SUPPLIED DATA
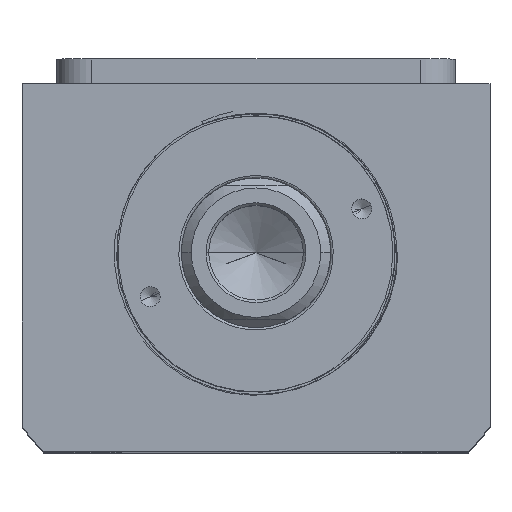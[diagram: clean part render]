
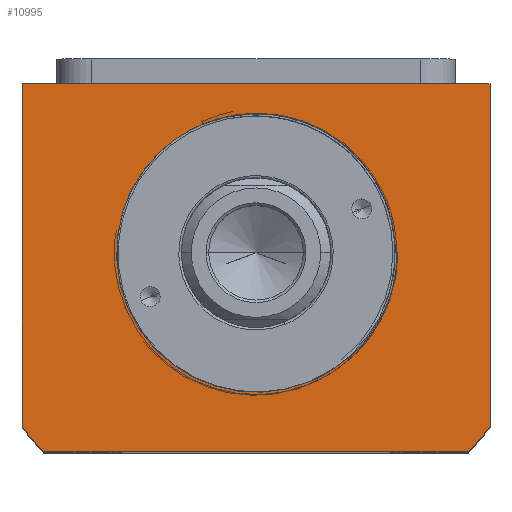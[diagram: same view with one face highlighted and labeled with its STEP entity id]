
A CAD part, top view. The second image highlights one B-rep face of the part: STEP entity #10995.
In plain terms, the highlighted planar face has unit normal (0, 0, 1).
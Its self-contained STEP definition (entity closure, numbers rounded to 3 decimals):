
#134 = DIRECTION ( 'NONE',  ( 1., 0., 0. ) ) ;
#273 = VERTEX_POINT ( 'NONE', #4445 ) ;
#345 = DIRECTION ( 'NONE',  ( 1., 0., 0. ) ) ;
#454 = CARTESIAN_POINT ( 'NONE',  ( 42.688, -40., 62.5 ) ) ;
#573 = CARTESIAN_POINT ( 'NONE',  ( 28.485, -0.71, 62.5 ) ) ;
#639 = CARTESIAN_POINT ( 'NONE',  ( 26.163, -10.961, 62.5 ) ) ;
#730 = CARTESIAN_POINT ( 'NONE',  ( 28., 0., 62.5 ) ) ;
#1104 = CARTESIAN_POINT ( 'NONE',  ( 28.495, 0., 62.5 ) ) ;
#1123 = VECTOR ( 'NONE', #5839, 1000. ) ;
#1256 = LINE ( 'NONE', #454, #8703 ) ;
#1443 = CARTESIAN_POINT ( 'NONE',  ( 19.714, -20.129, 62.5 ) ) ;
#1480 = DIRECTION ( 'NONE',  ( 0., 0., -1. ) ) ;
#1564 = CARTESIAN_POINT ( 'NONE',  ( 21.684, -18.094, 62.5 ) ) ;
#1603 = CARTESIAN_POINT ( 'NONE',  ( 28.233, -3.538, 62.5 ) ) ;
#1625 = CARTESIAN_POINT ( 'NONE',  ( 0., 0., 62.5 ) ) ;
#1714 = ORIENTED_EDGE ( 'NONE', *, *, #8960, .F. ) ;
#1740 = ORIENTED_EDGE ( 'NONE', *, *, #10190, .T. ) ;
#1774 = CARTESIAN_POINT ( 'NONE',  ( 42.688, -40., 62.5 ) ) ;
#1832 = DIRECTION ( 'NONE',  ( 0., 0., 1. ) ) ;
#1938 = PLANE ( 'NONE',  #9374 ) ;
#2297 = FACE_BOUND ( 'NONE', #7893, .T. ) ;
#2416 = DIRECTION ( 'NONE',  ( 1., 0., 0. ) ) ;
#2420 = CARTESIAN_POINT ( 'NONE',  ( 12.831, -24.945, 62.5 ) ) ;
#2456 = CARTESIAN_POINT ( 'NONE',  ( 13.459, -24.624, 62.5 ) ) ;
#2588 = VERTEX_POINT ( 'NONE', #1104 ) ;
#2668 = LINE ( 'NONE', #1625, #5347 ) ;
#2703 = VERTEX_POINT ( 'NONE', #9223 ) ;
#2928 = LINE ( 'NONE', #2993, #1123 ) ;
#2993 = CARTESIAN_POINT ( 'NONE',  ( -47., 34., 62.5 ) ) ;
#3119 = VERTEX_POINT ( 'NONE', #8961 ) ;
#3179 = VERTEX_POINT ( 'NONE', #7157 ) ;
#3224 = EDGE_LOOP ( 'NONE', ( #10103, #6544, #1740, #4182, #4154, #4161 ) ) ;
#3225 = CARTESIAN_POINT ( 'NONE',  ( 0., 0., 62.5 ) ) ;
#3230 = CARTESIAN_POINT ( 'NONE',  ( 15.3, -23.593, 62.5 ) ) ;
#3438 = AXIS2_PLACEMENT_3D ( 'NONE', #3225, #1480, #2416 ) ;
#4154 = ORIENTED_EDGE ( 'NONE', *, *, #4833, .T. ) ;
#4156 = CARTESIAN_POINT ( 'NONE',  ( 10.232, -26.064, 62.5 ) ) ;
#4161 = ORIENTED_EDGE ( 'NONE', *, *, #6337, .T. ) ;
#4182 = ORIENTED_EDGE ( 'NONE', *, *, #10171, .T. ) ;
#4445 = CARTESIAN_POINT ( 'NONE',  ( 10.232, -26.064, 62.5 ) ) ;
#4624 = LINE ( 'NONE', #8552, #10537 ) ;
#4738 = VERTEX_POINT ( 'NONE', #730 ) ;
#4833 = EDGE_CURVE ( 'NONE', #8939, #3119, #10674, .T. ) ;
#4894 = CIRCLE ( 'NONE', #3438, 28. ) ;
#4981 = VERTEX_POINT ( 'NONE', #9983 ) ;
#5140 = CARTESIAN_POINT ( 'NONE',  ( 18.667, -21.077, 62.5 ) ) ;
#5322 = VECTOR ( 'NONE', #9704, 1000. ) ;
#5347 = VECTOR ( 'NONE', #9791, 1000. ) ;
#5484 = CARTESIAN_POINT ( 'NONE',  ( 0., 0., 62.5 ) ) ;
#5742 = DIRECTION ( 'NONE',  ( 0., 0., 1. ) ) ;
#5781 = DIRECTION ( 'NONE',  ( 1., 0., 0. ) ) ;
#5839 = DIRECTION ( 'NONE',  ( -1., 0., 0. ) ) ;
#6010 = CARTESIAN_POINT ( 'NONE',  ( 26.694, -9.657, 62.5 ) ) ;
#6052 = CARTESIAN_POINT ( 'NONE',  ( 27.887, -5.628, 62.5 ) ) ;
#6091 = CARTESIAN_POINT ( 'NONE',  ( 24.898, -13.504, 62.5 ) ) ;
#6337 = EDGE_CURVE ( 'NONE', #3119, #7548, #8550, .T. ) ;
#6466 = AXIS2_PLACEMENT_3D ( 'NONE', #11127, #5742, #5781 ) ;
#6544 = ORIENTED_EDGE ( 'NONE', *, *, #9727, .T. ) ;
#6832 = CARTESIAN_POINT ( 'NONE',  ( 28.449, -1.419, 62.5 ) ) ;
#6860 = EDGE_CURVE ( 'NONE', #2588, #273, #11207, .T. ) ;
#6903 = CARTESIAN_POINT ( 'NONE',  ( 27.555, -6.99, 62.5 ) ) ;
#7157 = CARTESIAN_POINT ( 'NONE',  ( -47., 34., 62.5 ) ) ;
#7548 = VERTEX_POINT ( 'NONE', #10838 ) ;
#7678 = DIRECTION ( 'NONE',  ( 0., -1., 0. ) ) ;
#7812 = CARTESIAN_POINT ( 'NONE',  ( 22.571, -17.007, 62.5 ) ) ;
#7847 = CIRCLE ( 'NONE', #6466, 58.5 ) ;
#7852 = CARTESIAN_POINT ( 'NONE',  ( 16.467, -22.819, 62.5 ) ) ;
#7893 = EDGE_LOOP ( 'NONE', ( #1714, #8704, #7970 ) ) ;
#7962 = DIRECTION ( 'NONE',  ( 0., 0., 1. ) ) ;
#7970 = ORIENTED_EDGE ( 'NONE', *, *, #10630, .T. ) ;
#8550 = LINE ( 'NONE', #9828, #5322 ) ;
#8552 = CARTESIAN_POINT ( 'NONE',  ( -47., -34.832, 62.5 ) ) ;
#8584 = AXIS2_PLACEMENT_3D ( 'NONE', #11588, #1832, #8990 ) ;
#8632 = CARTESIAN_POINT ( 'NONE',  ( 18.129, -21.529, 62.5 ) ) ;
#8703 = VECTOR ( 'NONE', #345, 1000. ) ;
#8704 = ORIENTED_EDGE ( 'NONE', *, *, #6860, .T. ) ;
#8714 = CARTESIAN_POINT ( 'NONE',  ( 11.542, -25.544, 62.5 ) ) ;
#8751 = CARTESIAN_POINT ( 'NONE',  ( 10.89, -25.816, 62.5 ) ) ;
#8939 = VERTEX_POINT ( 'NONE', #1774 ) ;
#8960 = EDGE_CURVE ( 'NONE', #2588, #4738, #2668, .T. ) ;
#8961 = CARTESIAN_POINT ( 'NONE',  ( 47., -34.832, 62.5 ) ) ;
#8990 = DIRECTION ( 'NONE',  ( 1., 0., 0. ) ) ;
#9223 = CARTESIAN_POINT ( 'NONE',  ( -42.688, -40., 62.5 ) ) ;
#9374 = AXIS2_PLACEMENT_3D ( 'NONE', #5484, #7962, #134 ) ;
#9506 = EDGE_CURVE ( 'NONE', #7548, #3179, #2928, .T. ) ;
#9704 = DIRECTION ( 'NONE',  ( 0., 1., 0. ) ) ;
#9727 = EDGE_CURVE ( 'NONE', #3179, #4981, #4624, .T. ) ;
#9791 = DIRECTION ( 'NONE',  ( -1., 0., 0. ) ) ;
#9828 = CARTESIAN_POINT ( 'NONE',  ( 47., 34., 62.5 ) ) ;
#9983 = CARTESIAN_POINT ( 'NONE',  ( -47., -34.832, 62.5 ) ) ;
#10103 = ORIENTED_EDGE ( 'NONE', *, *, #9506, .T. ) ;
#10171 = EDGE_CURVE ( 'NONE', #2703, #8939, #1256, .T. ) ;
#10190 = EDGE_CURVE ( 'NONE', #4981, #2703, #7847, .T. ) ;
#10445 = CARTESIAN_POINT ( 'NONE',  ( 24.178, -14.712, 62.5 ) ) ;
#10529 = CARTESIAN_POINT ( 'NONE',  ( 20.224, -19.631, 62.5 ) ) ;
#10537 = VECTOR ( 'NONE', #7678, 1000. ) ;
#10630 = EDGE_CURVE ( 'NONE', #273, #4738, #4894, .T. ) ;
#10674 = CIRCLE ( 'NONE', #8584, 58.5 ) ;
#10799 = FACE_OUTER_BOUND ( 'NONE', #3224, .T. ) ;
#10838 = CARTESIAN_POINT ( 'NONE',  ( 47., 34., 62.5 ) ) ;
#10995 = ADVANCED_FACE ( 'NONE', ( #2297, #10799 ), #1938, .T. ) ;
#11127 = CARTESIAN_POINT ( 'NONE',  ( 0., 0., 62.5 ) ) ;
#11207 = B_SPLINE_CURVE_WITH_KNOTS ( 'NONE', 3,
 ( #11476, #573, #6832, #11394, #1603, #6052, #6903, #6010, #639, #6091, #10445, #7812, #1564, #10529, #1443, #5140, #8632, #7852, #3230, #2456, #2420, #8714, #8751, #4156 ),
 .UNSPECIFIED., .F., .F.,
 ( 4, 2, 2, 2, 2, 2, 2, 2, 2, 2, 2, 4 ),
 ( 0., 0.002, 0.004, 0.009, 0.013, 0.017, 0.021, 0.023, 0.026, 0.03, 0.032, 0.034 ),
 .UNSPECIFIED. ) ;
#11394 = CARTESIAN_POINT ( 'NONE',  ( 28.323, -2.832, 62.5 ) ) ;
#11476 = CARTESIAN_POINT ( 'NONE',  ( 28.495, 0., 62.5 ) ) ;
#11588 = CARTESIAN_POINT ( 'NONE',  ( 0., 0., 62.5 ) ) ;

TO DO
For this exercise, repeat exactly the lines of the data above from the one with "#4894 = CIRCLE ( 'NONE', #3438, 28. ) ;" down to the one with "#6010 = CARTESIAN_POINT", both end lines included.

YOUR RESPONSE
#4894 = CIRCLE ( 'NONE', #3438, 28. ) ;
#4981 = VERTEX_POINT ( 'NONE', #9983 ) ;
#5140 = CARTESIAN_POINT ( 'NONE',  ( 18.667, -21.077, 62.5 ) ) ;
#5322 = VECTOR ( 'NONE', #9704, 1000. ) ;
#5347 = VECTOR ( 'NONE', #9791, 1000. ) ;
#5484 = CARTESIAN_POINT ( 'NONE',  ( 0., 0., 62.5 ) ) ;
#5742 = DIRECTION ( 'NONE',  ( 0., 0., 1. ) ) ;
#5781 = DIRECTION ( 'NONE',  ( 1., 0., 0. ) ) ;
#5839 = DIRECTION ( 'NONE',  ( -1., 0., 0. ) ) ;
#6010 = CARTESIAN_POINT ( 'NONE',  ( 26.694, -9.657, 62.5 ) ) ;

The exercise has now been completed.